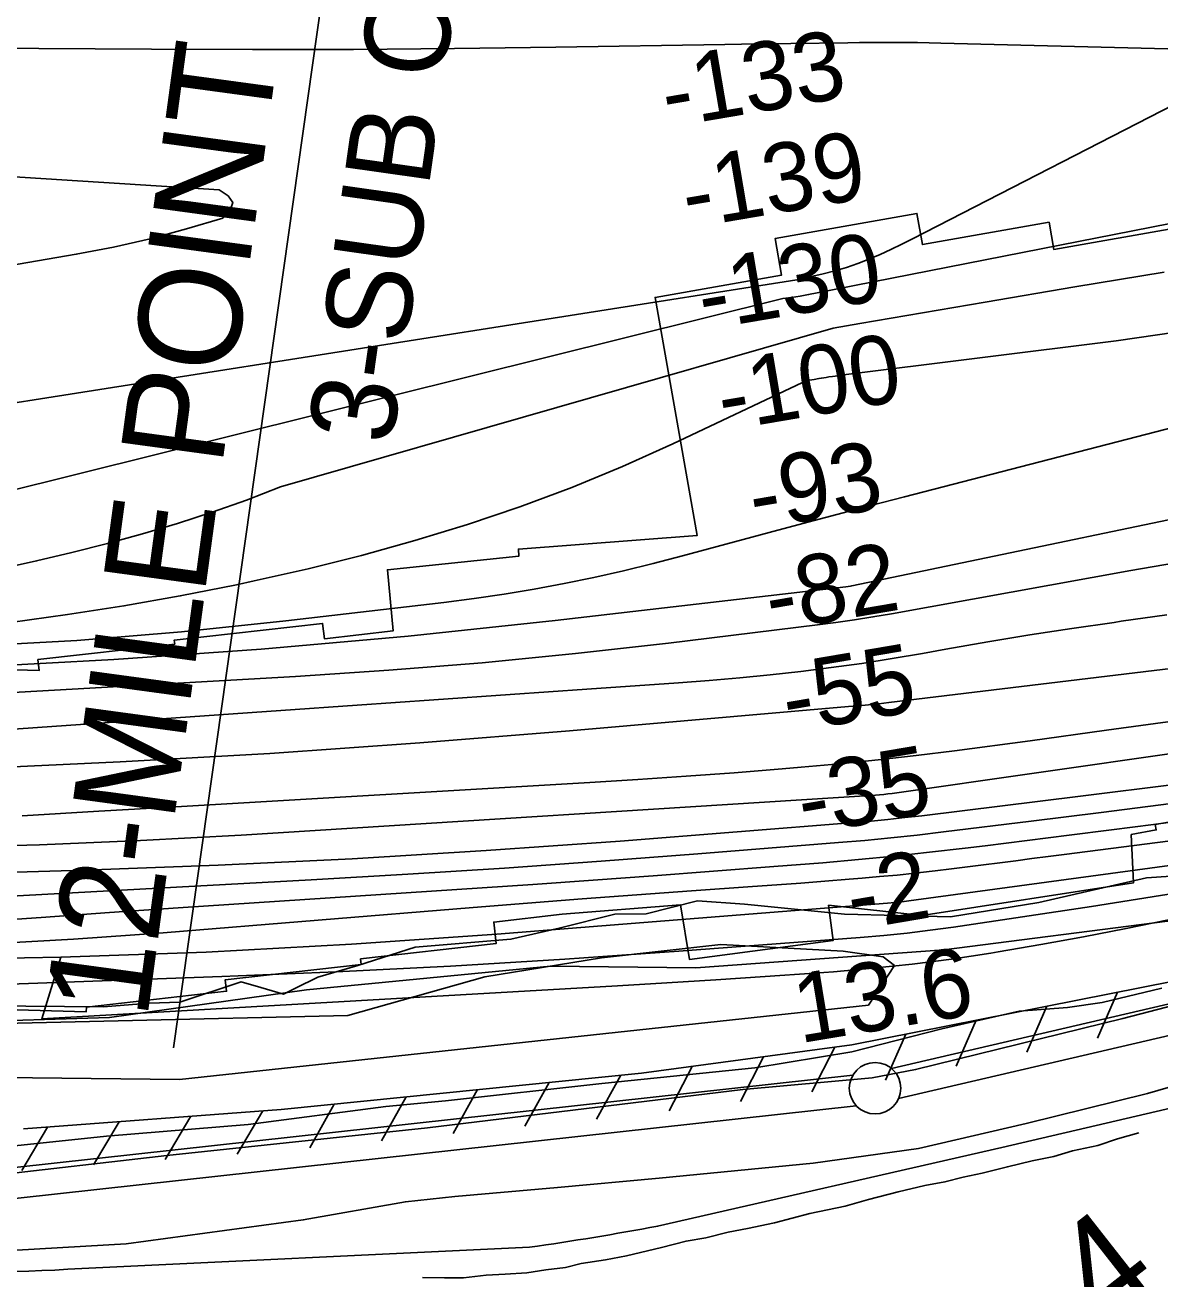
# Model space of a CAD drawing. Extents: x 3625074 to 3663148, y 511451 to 537151.
# Drawn here: x 3638362 to 3639466, y 517962 to 519181 of the extents above; entities that cross this region are included whole.
import ezdxf

# ---------------------------------------------------------------- set-up
doc = ezdxf.new("R2010")
doc.units = 0
for name, color, linetype in [('V-CHAN-NAID', 7, 'Continuous'), ('V-FLOD-BASE', 7, 'Continuous'), ('V-LEVE-TOET', 7, 'Continuous'), ('V-RIVR-EDGE', 7, 'Continuous'), ('V-RIVR-RANG', 7, 'Continuous'), ('V-ROAD-CNTR', 7, 'Continuous'), ('V-RRAP-FSHR', 7, 'Continuous'), ('V-RRAP-RVMT', 7, 'Continuous'), ('V-SITE-VEGE', 7, 'Continuous'), ('V-SURV-IDEN', 7, 'Continuous'), ('V-SURV-LINE', 7, 'Continuous'), ('V-TOPO-DPTH', 7, 'Continuous'), ('V-TOPO-MAJR', 7, 'Continuous'), ('V-TOPO-MINR', 7, 'Continuous'), ('V-TOPO-SHOR', 7, 'Continuous'), ('V-TOPO-WATR', 7, 'Continuous'), ('V-UTIL-IDEN', 7, 'Continuous'), ('V-UTIL-LINE', 7, 'Continuous')]:
    doc.layers.add(name, color=color, linetype=linetype)

msp = doc.modelspace()

# ---------------------------------------------------------------- linework, layer by layer
at = {"layer": 'V-FLOD-BASE'}
msp.add_lwpolyline([(3638324.9, 518061.5), (3638500, 518081.6), (3638753.3, 518108.7), (3639059.9, 518145.8), (3639185.8, 518157.3), (3639228.1, 518165.3), (3639429.7, 518214.9), (3639574.5, 518252.6)], dxfattribs=at)
at = {"layer": 'V-LEVE-TOET'}
for points in [[(3638346.1, 518090.4), (3638441.1, 518100.7), (3638579.1, 518111.8), (3638713, 518129.4), (3638770.8, 518134.8), (3638923, 518151.9), (3639071.7, 518167.1), (3639166.1, 518182.6), (3639253.7, 518204.9), (3639328.7, 518222), (3639375.7, 518225.8), (3639409.4, 518230.4), (3639467.6, 518244.5)], [(3638309, 517987), (3638460.3, 517996), (3638632.5, 518019.1), (3638731.9, 518036.7), (3638780.1, 518041.8), (3638879.8, 518050.7), (3638978.8, 518059.8), (3639128.4, 518074.4), (3639230.9, 518088.7), (3639335.6, 518112.9), (3639453.6, 518141.9), (3639546.1, 518169.1)]]:
    msp.add_lwpolyline(points, dxfattribs=at)
at = {"layer": 'V-RIVR-EDGE'}
msp.add_lwpolyline([(3638324.7, 518227.2), (3638438.2, 518226.3), (3638482.6, 518229.8), (3638512.7, 518231), (3638572.1, 518250.6), (3638591.3, 518245.2), (3638613.5, 518238.5), (3638625, 518244.5), (3638646.6, 518255.2), (3638685.6, 518266.5), (3638741.5, 518284.4), (3638834.6, 518292), (3638881.4, 518302.7), (3638935.5, 518316.4), (3638966.1, 518316.9), (3639016, 518329.4), (3639061.6, 518326.2), (3639158.8, 518316.4), (3639262.1, 518313.7), (3639348, 518327.9), (3639452.5, 518351.7), (3639505.3, 518355.2)], dxfattribs=at)
at = {"layer": 'V-ROAD-CNTR'}
for points in [[(3638977.2, 518013.1), (3639312, 518089.6), (3639553.7, 518145.8)], [(3638403.8, 517971.1), (3638852.7, 517992.6)]]:
    msp.add_lwpolyline(points, dxfattribs=at)
for centre, radius, start, end in [((3638418.4, 521016.5), 3055, 278.1734, 280.54), ((3638291.1, 519911.5), 1943.7, 267.3414, 273.323)]:
    msp.add_arc(centre, radius, start, end, dxfattribs=at)
at = {"layer": 'V-RRAP-FSHR'}
for p, q in [((3639424.5, 518240.5), (3639404.8, 518195.8)), ((3639355.8, 518226.9), (3639336.1, 518182.2)), ((3639287.1, 518213.3), (3639267.4, 518168.6)), ((3639218.5, 518199.6), (3639198.8, 518155)), ((3639149.6, 518187), (3639127.2, 518143.7)), ((3639080.3, 518177.7), (3639057.8, 518134.4)), ((3638941.4, 518159.8), (3638917.6, 518117.2)), ((3639010.9, 518168.4), (3638988.4, 518125.1)), ((3638871.8, 518152.8), (3638847.9, 518110.2)), ((3638732.5, 518138.7), (3638708.6, 518096.1)), ((3638802.1, 518145.8), (3638778.3, 518103.2)), ((3638593.2, 518125.2), (3638568.2, 518083.2)), ((3638662.8, 518131.7), (3638639, 518089.1)), ((3638453.6, 518114.6), (3638428.6, 518072.6)), ((3638523.4, 518119.9), (3638498.4, 518077.9)), ((3638383.8, 518109.3), (3638358.8, 518067.3))]:
    msp.add_line(p, q, dxfattribs=at)
for points in [[(3638360.7, 518107.6), (3638611.2, 518126.5), (3638961.4, 518161.8), (3639165.9, 518189.2), (3639478.8, 518251.3), (3639649.3, 518290.2), (3639720.3, 518295.1), (3639757.2, 518296.5), (3639776, 518296.2), (3639803.1, 518283.7), (3639825.2, 518264.7), (3639924.3, 518146.4), (3639964.9, 518127.4), (3639995.4, 518127.7), (3640072.3, 518136.2), (3640499.4, 518249.9), (3640860.3, 518343.5), (3641007.5, 518386.2), (3641189, 518473.4), (3641393, 518563)], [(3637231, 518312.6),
****************
■ Exercise description
Repeat each line of the material exactly, and drop any image it carries.

■ Reply to the exercise
# Model space of a CAD drawing. Extents: x 3625074 to 3663148, y 511451 to 537151.
# Drawn here: x 3638362 to 3639466, y 517962 to 519181 of the extents above; entities that cross this region are included whole.
import ezdxf

# ---------------------------------------------------------------- set-up
doc = ezdxf.new("R2010")
doc.units = 0
for name, color, linetype in [('V-CHAN-NAID', 7, 'Continuous'), ('V-FLOD-BASE', 7, 'Continuous'), ('V-LEVE-TOET', 7, 'Continuous'), ('V-RIVR-EDGE', 7, 'Continuous'), ('V-RIVR-RANG', 7, 'Continuous'), ('V-ROAD-CNTR', 7, 'Continuous'), ('V-RRAP-FSHR', 7, 'Continuous'), ('V-RRAP-RVMT', 7, 'Continuous'), ('V-SITE-VEGE', 7, 'Continuous'), ('V-SURV-IDEN', 7, 'Continuous'), ('V-SURV-LINE', 7, 'Continuous'), ('V-TOPO-DPTH', 7, 'Continuous'), ('V-TOPO-MAJR', 7, 'Continuous'), ('V-TOPO-MINR', 7, 'Continuous'), ('V-TOPO-SHOR', 7, 'Continuous'), ('V-TOPO-WATR', 7, 'Continuous'), ('V-UTIL-IDEN', 7, 'Continuous'), ('V-UTIL-LINE', 7, 'Continuous')]:
    doc.layers.add(name, color=color, linetype=linetype)

msp = doc.modelspace()

# ---------------------------------------------------------------- linework, layer by layer
at = {"layer": 'V-FLOD-BASE'}
msp.add_lwpolyline([(3638324.9, 518061.5), (3638500, 518081.6), (3638753.3, 518108.7), (3639059.9, 518145.8), (3639185.8, 518157.3), (3639228.1, 518165.3), (3639429.7, 518214.9), (3639574.5, 518252.6)], dxfattribs=at)
at = {"layer": 'V-LEVE-TOET'}
for points in [[(3638346.1, 518090.4), (3638441.1, 518100.7), (3638579.1, 518111.8), (3638713, 518129.4), (3638770.8, 518134.8), (3638923, 518151.9), (3639071.7, 518167.1), (3639166.1, 518182.6), (3639253.7, 518204.9), (3639328.7, 518222), (3639375.7, 518225.8), (3639409.4, 518230.4), (3639467.6, 518244.5)], [(3638309, 517987), (3638460.3, 517996), (3638632.5, 518019.1), (3638731.9, 518036.7), (3638780.1, 518041.8), (3638879.8, 518050.7), (3638978.8, 518059.8), (3639128.4, 518074.4), (3639230.9, 518088.7), (3639335.6, 518112.9), (3639453.6, 518141.9), (3639546.1, 518169.1)]]:
    msp.add_lwpolyline(points, dxfattribs=at)
at = {"layer": 'V-RIVR-EDGE'}
msp.add_lwpolyline([(3638324.7, 518227.2), (3638438.2, 518226.3), (3638482.6, 518229.8), (3638512.7, 518231), (3638572.1, 518250.6), (3638591.3, 518245.2), (3638613.5, 518238.5), (3638625, 518244.5), (3638646.6, 518255.2), (3638685.6, 518266.5), (3638741.5, 518284.4), (3638834.6, 518292), (3638881.4, 518302.7), (3638935.5, 518316.4), (3638966.1, 518316.9), (3639016, 518329.4), (3639061.6, 518326.2), (3639158.8, 518316.4), (3639262.1, 518313.7), (3639348, 518327.9), (3639452.5, 518351.7), (3639505.3, 518355.2)], dxfattribs=at)
at = {"layer": 'V-ROAD-CNTR'}
for points in [[(3638977.2, 518013.1), (3639312, 518089.6), (3639553.7, 518145.8)], [(3638403.8, 517971.1), (3638852.7, 517992.6)]]:
    msp.add_lwpolyline(points, dxfattribs=at)
for centre, radius, start, end in [((3638418.4, 521016.5), 3055, 278.1734, 280.54), ((3638291.1, 519911.5), 1943.7, 267.3414, 273.323)]:
    msp.add_arc(centre, radius, start, end, dxfattribs=at)
at = {"layer": 'V-RRAP-FSHR'}
for p, q in [((3639424.5, 518240.5), (3639404.8, 518195.8)), ((3639355.8, 518226.9), (3639336.1, 518182.2)), ((3639287.1, 518213.3), (3639267.4, 518168.6)), ((3639218.5, 518199.6), (3639198.8, 518155)), ((3639149.6, 518187), (3639127.2, 518143.7)), ((3639080.3, 518177.7), (3639057.8, 518134.4)), ((3638941.4, 518159.8), (3638917.6, 518117.2)), ((3639010.9, 518168.4), (3638988.4, 518125.1)), ((3638871.8, 518152.8), (3638847.9, 518110.2)), ((3638732.5, 518138.7), (3638708.6, 518096.1)), ((3638802.1, 518145.8), (3638778.3, 518103.2)), ((3638593.2, 518125.2), (3638568.2, 518083.2)), ((3638662.8, 518131.7), (3638639, 518089.1)), ((3638453.6, 518114.6), (3638428.6, 518072.6)), ((3638523.4, 518119.9), (3638498.4, 518077.9)), ((3638383.8, 518109.3), (3638358.8, 518067.3))]:
    msp.add_line(p, q, dxfattribs=at)
for points in [[(3638360.7, 518107.6), (3638611.2, 518126.5), (3638961.4, 518161.8), (3639165.9, 518189.2), (3639478.8, 518251.3), (3639649.3, 518290.2), (3639720.3, 518295.1), (3639757.2, 518296.5), (3639776, 518296.2), (3639803.1, 518283.7), (3639825.2, 518264.7), (3639924.3, 518146.4), (3639964.9, 518127.4), (3639995.4, 518127.7), (3640072.3, 518136.2), (3640499.4, 518249.9), (3640860.3, 518343.5), (3641007.5, 518386.2), (3641189, 518473.4), (3641393, 518563)], [(3637231, 518312.6),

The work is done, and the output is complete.